*Task brief*. Copy the entries word for word. Keep the pictures out.

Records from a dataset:
↓↓↓
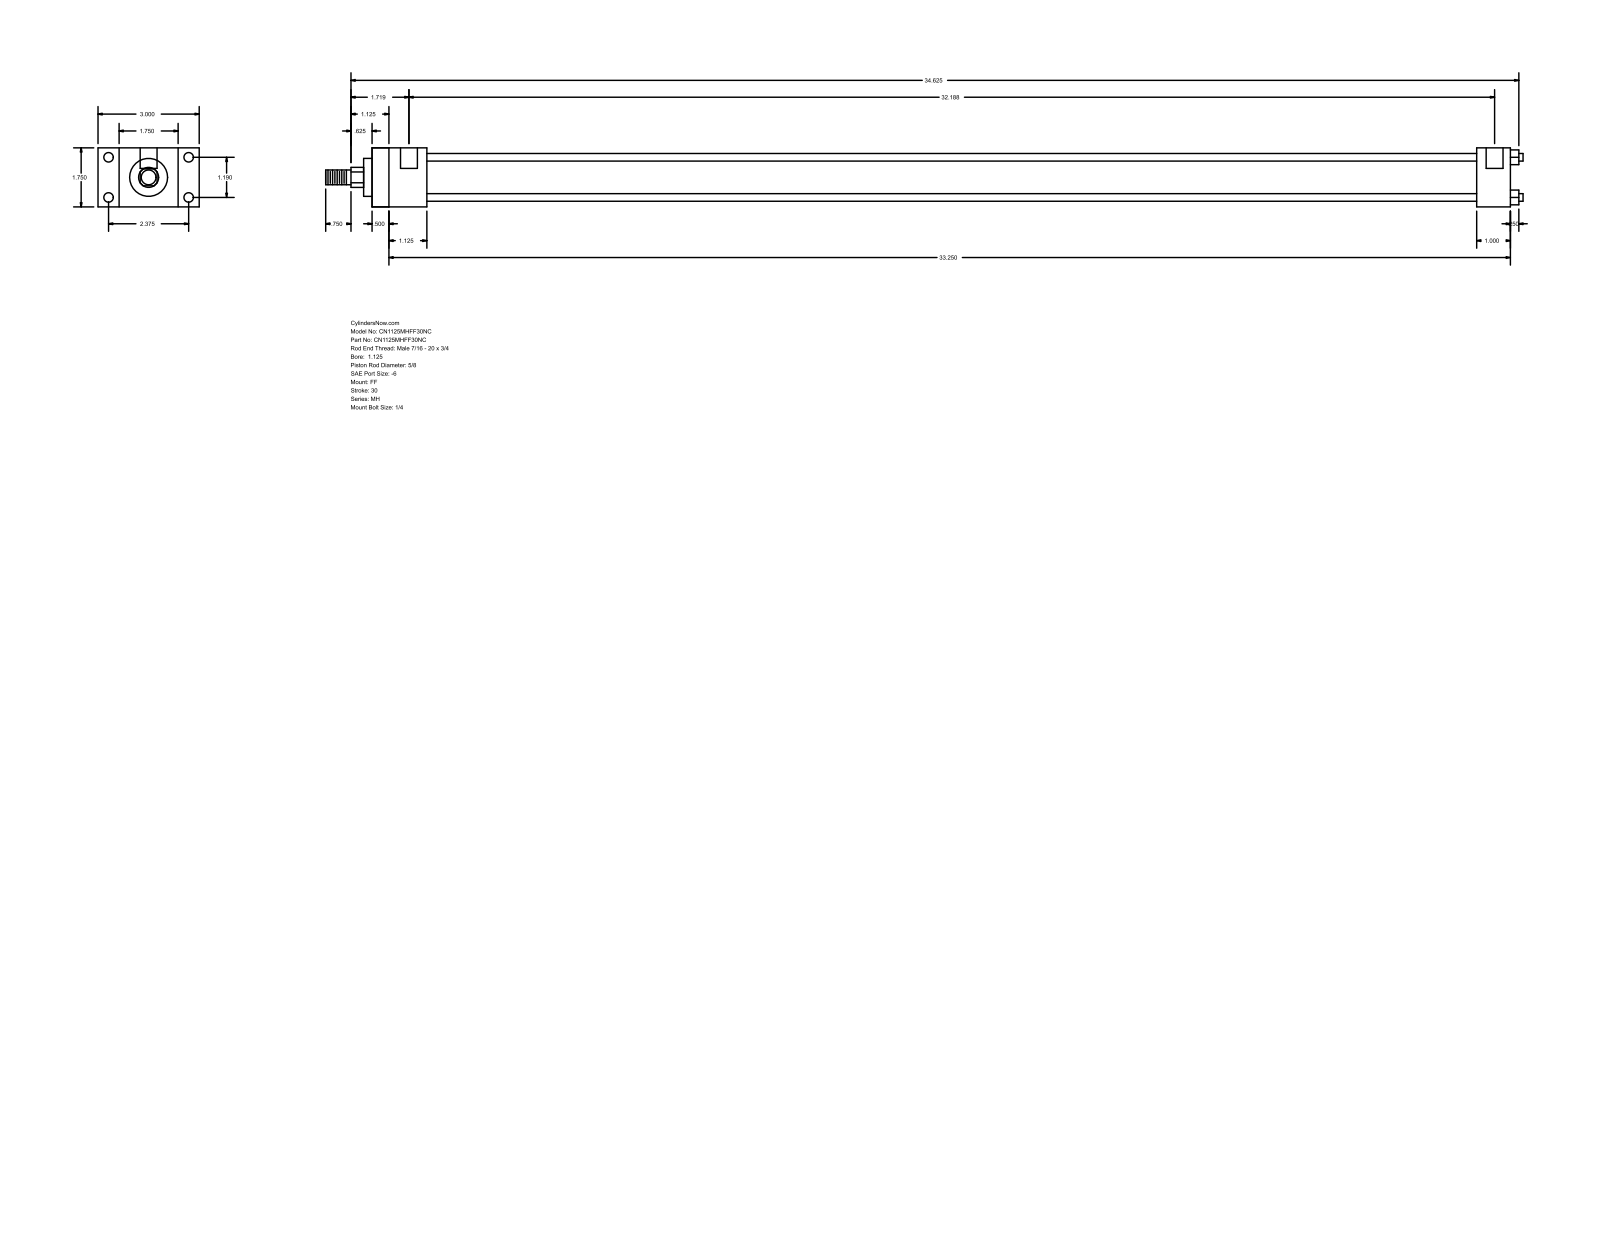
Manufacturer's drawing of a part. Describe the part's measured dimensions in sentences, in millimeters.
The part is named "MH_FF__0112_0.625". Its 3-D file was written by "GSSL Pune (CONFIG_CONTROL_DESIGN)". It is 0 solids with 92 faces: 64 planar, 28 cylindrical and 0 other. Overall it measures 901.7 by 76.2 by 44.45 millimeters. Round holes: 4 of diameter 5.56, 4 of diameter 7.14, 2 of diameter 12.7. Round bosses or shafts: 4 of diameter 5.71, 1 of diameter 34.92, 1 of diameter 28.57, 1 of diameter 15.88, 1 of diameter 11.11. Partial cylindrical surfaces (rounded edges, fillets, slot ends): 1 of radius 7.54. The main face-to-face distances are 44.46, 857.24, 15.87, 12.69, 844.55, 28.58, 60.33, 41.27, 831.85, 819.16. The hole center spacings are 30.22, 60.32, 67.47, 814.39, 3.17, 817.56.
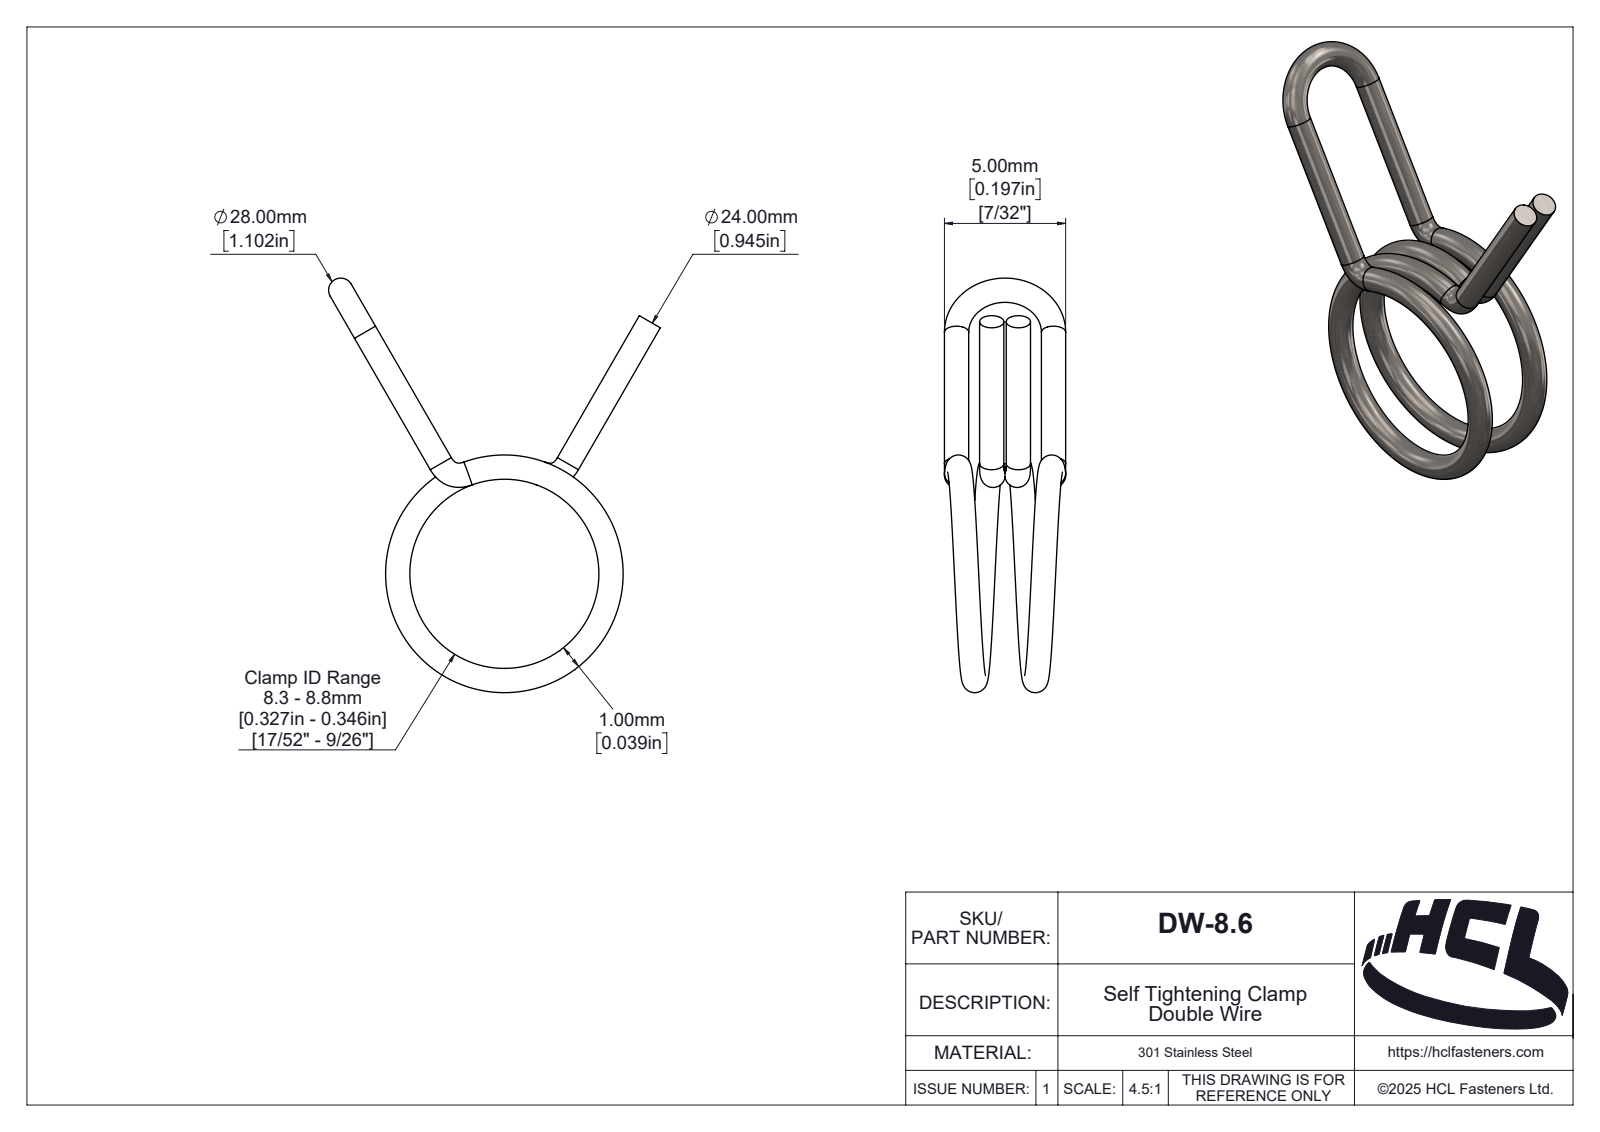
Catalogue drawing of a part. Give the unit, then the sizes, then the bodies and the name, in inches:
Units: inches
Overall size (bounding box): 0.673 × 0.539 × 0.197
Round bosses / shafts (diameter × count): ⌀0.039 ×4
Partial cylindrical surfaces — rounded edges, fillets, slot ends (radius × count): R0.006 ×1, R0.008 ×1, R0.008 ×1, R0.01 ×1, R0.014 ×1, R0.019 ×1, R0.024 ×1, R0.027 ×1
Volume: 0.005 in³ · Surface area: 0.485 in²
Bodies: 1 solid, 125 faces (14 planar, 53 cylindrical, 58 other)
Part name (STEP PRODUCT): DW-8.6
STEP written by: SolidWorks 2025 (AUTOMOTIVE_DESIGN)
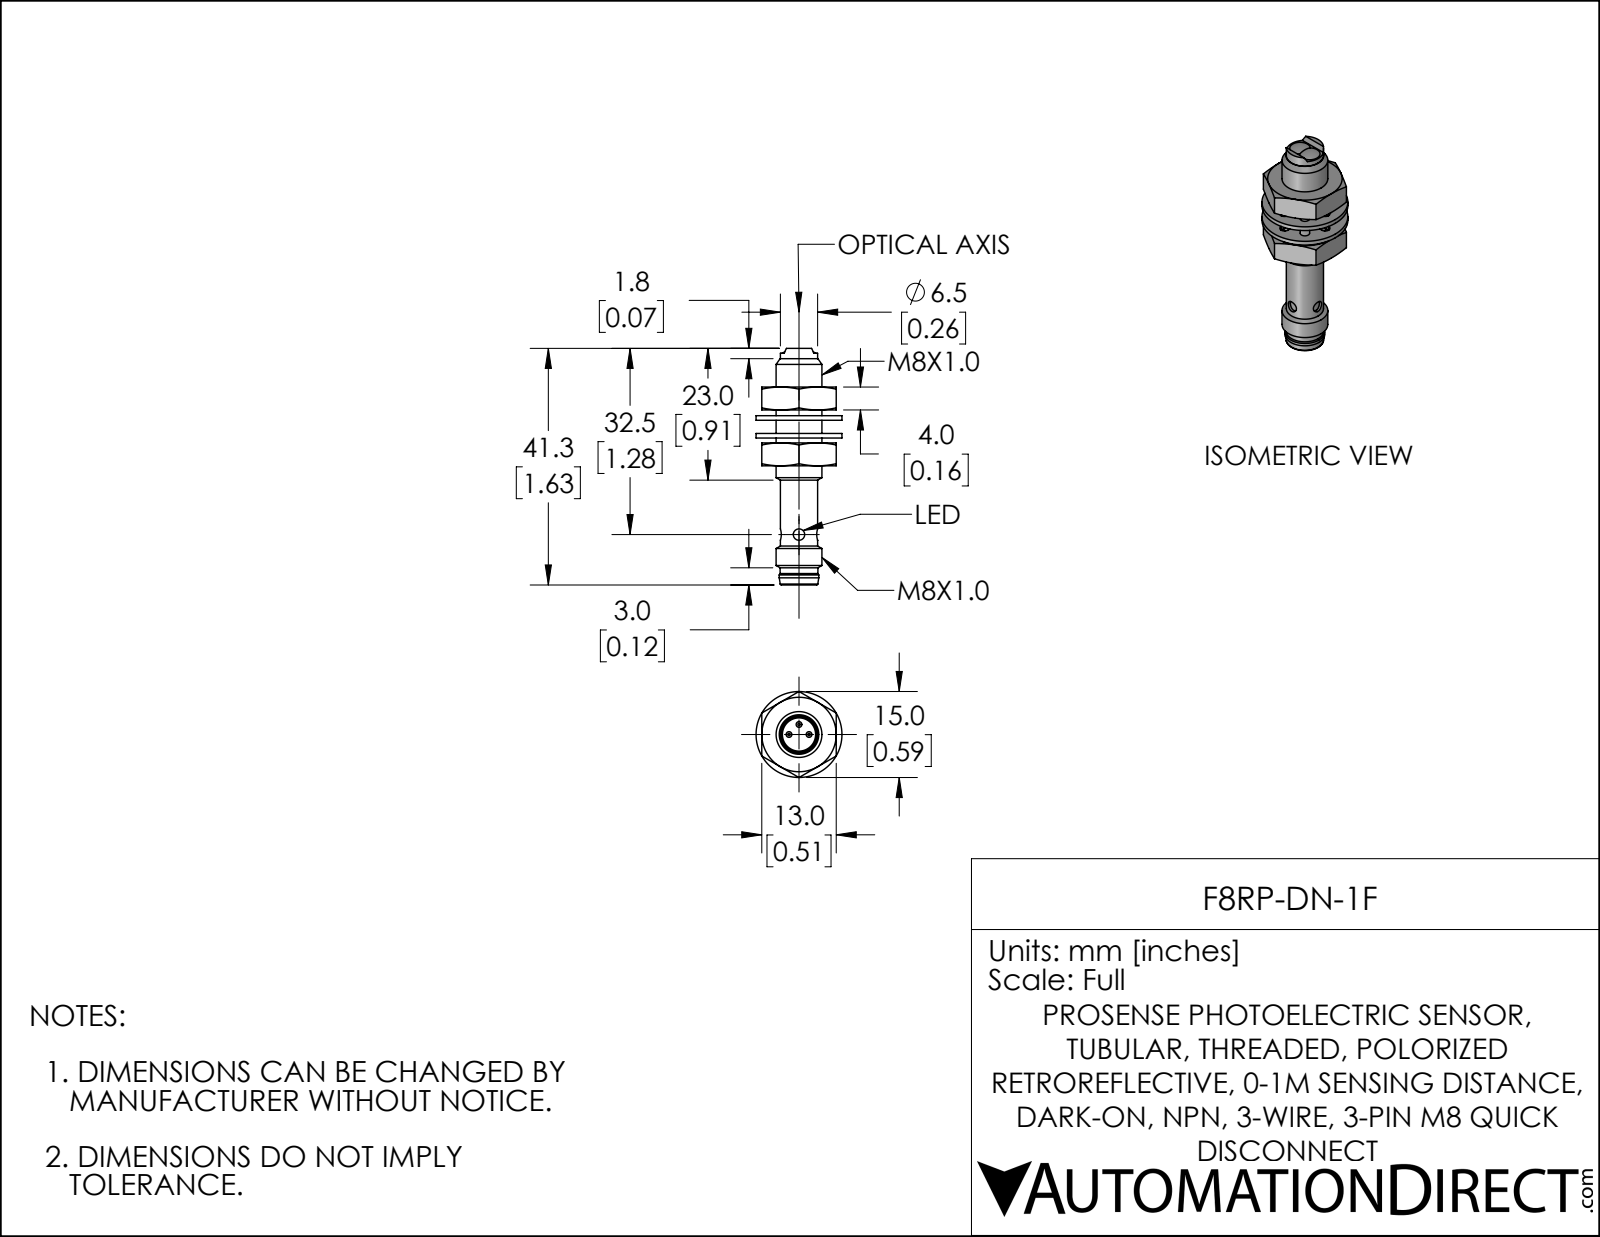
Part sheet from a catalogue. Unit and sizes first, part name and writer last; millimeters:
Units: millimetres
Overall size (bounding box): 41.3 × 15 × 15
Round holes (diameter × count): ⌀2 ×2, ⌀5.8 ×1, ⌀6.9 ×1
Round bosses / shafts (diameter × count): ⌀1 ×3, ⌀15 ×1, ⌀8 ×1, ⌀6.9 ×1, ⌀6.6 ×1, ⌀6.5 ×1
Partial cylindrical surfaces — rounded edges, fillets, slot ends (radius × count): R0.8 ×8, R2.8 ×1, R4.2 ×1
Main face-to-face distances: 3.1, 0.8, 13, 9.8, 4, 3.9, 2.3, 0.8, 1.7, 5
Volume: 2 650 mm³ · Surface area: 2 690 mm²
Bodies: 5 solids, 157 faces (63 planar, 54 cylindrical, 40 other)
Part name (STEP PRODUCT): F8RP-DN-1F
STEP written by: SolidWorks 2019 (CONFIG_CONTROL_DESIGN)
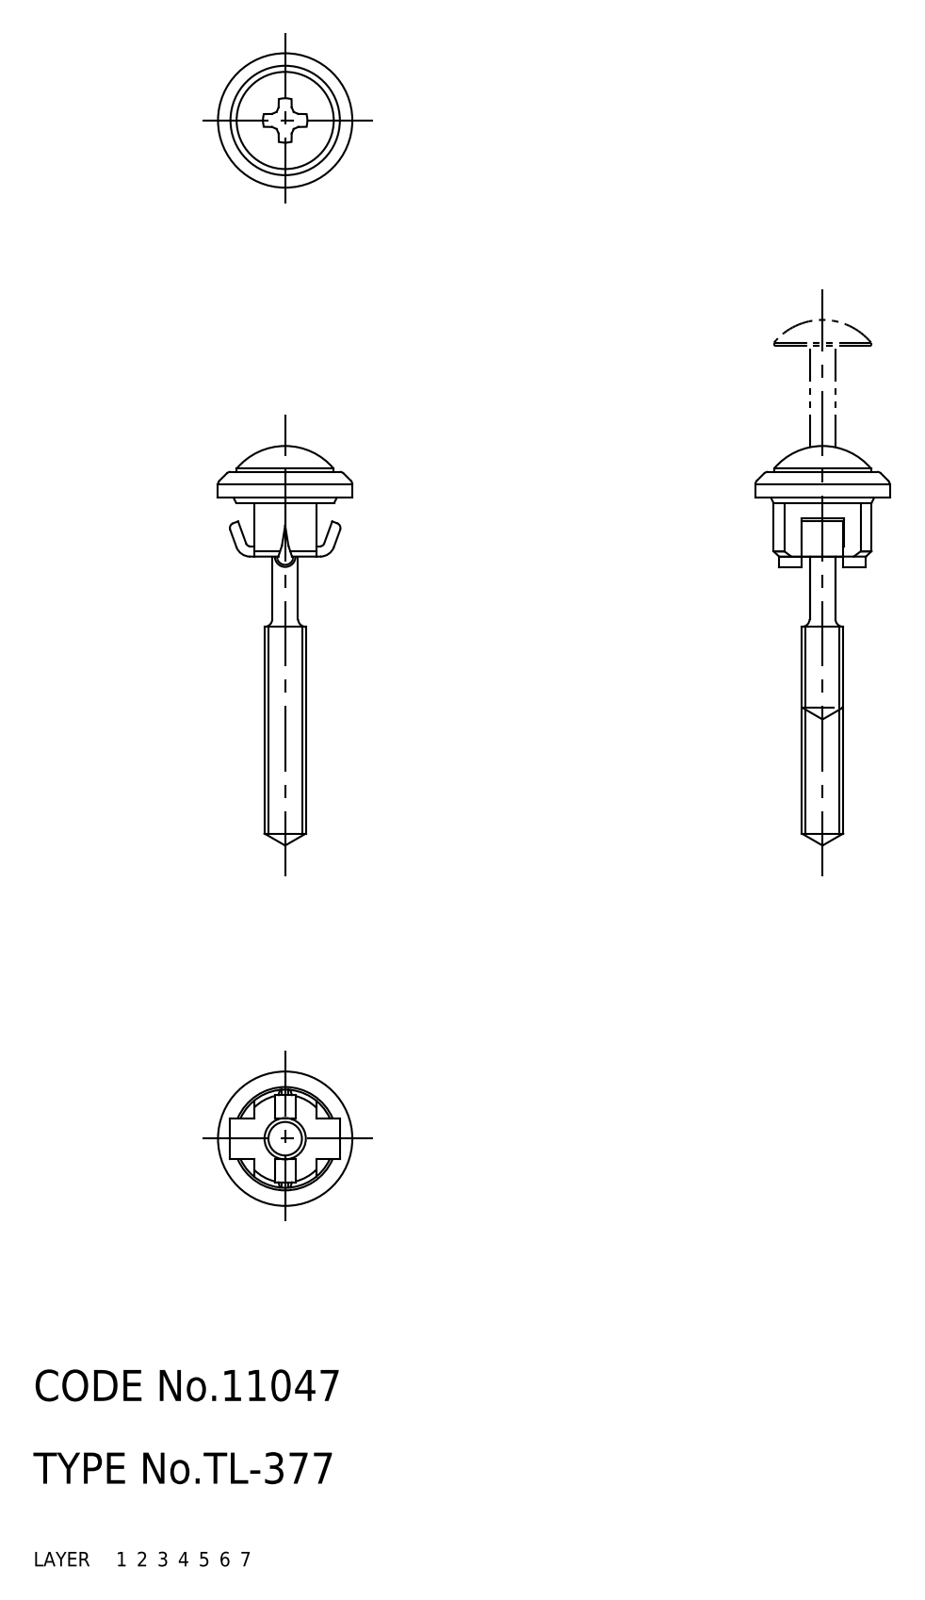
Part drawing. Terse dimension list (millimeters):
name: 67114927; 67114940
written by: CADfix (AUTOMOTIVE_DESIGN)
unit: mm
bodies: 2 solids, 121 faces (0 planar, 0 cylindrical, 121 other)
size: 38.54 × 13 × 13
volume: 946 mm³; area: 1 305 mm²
↑↑↑
*Solution for this task*.
Manufacturer's drawing of a part. Describe the part's measured dimensions in sentences, in millimeters.
The part is named "MH_FF__0112_0.625". Its 3-D file was written by "GSSL Pune (CONFIG_CONTROL_DESIGN)". It is 0 solids with 92 faces: 64 planar, 28 cylindrical and 0 other. Overall it measures 901.7 by 76.2 by 44.45 millimeters. Round holes: 4 of diameter 5.56, 4 of diameter 7.14, 2 of diameter 12.7. Round bosses or shafts: 4 of diameter 5.71, 1 of diameter 34.92, 1 of diameter 28.57, 1 of diameter 15.88, 1 of diameter 11.11. Partial cylindrical surfaces (rounded edges, fillets, slot ends): 1 of radius 7.54. The main face-to-face distances are 44.46, 857.24, 15.87, 12.69, 844.55, 28.58, 60.33, 41.27, 831.85, 819.16. The hole center spacings are 30.22, 60.32, 67.47, 814.39, 3.17, 817.56.
Catalogue drawing of a part. Give the unit, then the sizes, then the bodies and the name, in inches:
Units: inches
Overall size (bounding box): 0.673 × 0.539 × 0.197
Round bosses / shafts (diameter × count): ⌀0.039 ×4
Partial cylindrical surfaces — rounded edges, fillets, slot ends (radius × count): R0.006 ×1, R0.008 ×1, R0.008 ×1, R0.01 ×1, R0.014 ×1, R0.019 ×1, R0.024 ×1, R0.027 ×1
Volume: 0.005 in³ · Surface area: 0.485 in²
Bodies: 1 solid, 125 faces (14 planar, 53 cylindrical, 58 other)
Part name (STEP PRODUCT): DW-8.6
STEP written by: SolidWorks 2025 (AUTOMOTIVE_DESIGN)
Part sheet from a catalogue. Unit and sizes first, part name and writer last; millimeters:
Units: millimetres
Overall size (bounding box): 41.3 × 15 × 15
Round holes (diameter × count): ⌀2 ×2, ⌀5.8 ×1, ⌀6.9 ×1
Round bosses / shafts (diameter × count): ⌀1 ×3, ⌀15 ×1, ⌀8 ×1, ⌀6.9 ×1, ⌀6.6 ×1, ⌀6.5 ×1
Partial cylindrical surfaces — rounded edges, fillets, slot ends (radius × count): R0.8 ×8, R2.8 ×1, R4.2 ×1
Main face-to-face distances: 3.1, 0.8, 13, 9.8, 4, 3.9, 2.3, 0.8, 1.7, 5
Volume: 2 650 mm³ · Surface area: 2 690 mm²
Bodies: 5 solids, 157 faces (63 planar, 54 cylindrical, 40 other)
Part name (STEP PRODUCT): F8RP-DN-1F
STEP written by: SolidWorks 2019 (CONFIG_CONTROL_DESIGN)
Part drawing. Terse dimension list (millimeters):
name: 67114927; 67114940
written by: CADfix (AUTOMOTIVE_DESIGN)
unit: mm
bodies: 2 solids, 121 faces (0 planar, 0 cylindrical, 121 other)
size: 38.54 × 13 × 13
volume: 946 mm³; area: 1 305 mm²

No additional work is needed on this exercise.